エンタープライズ:ニュース 2003/06/25 15:52:00 更新


業界挙げてWindows Server 2003の船出を祝う

「業界挙げての発表となった」と期待度の高さを強調するマイクロソフト。6月25日、最新サーバOS「Windows Server 2003」のパッケージが発売となった。米国での発表から遅れること2カ月、日本語版も出そろった。

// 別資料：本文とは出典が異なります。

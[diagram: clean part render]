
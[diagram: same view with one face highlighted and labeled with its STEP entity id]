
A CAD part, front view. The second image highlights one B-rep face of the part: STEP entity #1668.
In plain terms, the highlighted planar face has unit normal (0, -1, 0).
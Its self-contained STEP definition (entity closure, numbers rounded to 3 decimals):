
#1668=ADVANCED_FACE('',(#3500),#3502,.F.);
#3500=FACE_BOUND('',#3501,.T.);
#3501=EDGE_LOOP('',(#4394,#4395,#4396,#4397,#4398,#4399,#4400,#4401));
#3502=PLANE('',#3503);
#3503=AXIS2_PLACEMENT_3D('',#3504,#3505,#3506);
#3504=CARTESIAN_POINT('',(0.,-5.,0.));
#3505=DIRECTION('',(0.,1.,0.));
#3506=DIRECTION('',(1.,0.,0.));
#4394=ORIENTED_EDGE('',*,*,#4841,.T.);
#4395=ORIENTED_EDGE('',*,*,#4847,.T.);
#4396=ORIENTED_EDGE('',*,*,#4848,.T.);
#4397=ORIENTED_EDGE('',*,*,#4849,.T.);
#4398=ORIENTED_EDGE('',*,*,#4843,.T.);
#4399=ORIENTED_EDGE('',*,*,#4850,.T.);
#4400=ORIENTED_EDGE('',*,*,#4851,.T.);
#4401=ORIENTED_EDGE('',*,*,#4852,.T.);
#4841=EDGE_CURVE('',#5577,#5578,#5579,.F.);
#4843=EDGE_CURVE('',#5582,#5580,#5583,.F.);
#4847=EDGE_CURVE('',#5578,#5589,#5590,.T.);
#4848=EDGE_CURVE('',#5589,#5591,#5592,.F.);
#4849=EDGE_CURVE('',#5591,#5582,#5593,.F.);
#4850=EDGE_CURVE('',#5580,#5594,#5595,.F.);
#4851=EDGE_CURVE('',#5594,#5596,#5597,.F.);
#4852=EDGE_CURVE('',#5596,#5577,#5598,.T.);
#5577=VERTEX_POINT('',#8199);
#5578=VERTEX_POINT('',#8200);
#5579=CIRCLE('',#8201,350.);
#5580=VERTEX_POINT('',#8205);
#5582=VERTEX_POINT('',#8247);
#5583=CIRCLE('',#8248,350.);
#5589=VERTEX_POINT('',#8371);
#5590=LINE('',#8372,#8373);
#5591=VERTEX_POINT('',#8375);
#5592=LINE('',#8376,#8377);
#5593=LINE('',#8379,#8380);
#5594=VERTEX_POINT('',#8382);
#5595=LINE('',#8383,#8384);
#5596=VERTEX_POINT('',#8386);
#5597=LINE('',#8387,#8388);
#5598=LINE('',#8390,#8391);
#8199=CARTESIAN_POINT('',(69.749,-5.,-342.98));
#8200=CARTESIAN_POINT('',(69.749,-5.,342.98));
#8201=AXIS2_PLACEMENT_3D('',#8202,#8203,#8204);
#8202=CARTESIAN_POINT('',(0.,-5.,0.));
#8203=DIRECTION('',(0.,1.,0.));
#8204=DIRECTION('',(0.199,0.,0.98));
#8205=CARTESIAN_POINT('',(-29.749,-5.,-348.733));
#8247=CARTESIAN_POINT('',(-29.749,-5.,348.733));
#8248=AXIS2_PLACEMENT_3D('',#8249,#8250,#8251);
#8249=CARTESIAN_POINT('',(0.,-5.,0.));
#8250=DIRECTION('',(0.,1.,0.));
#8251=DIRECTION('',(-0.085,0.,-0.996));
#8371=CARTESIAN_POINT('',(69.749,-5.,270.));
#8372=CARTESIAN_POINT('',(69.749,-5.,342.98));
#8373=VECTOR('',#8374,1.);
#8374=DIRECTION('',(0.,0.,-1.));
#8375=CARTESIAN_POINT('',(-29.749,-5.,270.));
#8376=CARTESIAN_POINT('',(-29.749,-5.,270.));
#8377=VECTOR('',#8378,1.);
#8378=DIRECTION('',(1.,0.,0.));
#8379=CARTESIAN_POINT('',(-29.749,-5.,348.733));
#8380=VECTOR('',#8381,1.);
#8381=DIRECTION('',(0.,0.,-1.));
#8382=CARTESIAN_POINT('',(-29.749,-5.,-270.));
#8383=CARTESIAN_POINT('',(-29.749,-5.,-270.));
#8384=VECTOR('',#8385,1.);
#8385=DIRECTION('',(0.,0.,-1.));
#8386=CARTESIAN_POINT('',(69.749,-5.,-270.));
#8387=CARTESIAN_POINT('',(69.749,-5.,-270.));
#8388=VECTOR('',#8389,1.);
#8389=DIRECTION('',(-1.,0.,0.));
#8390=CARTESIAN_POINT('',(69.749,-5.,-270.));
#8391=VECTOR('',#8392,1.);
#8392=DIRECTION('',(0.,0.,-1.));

 マイクロソフトは6月25日、最新サーバOS「Windows Server 2003」日本語版を発表した。「Trustworthy Computing(信頼できるコンピューティング)」構想の下で開発され、セキュリティを最優先したために、幾度となく発売を延期してきたWindows Server 2003。米国での発表から遅れること2カ月、日本語版も船出した。これに合わせ、パートナー各社からはWindows Server 2003対応製品の提供も始まった

 Windows Server 2003ファミリーは、「Windows Server 2003, Datacenter Edition/Enterprise Edition/Standard Edition/Web Edition」の4エディションで構成される。上位2エディション、Datacenter EditionとEnterprise Editionでは、64ビット版も投入した。ボリュームライセンスは既に6月2日から販売を始めているが、今回新たにEnterprise EditionとStandard Editionのパッケージ製品が加わり、これで一通りのファミリーが出そろった。

ローディング氏

7月1日付けでマイクロソフトの新社長となるマイケル・ローディング氏がプレゼンテーションを行った


 この日、都内ホテルで行われた記者発表会には、7月1日付けでマイクロソフトの社長に就任するマイケル・ローディング氏が登場。「業界挙げての発表となった」と期待度の高さと自信をアピールした。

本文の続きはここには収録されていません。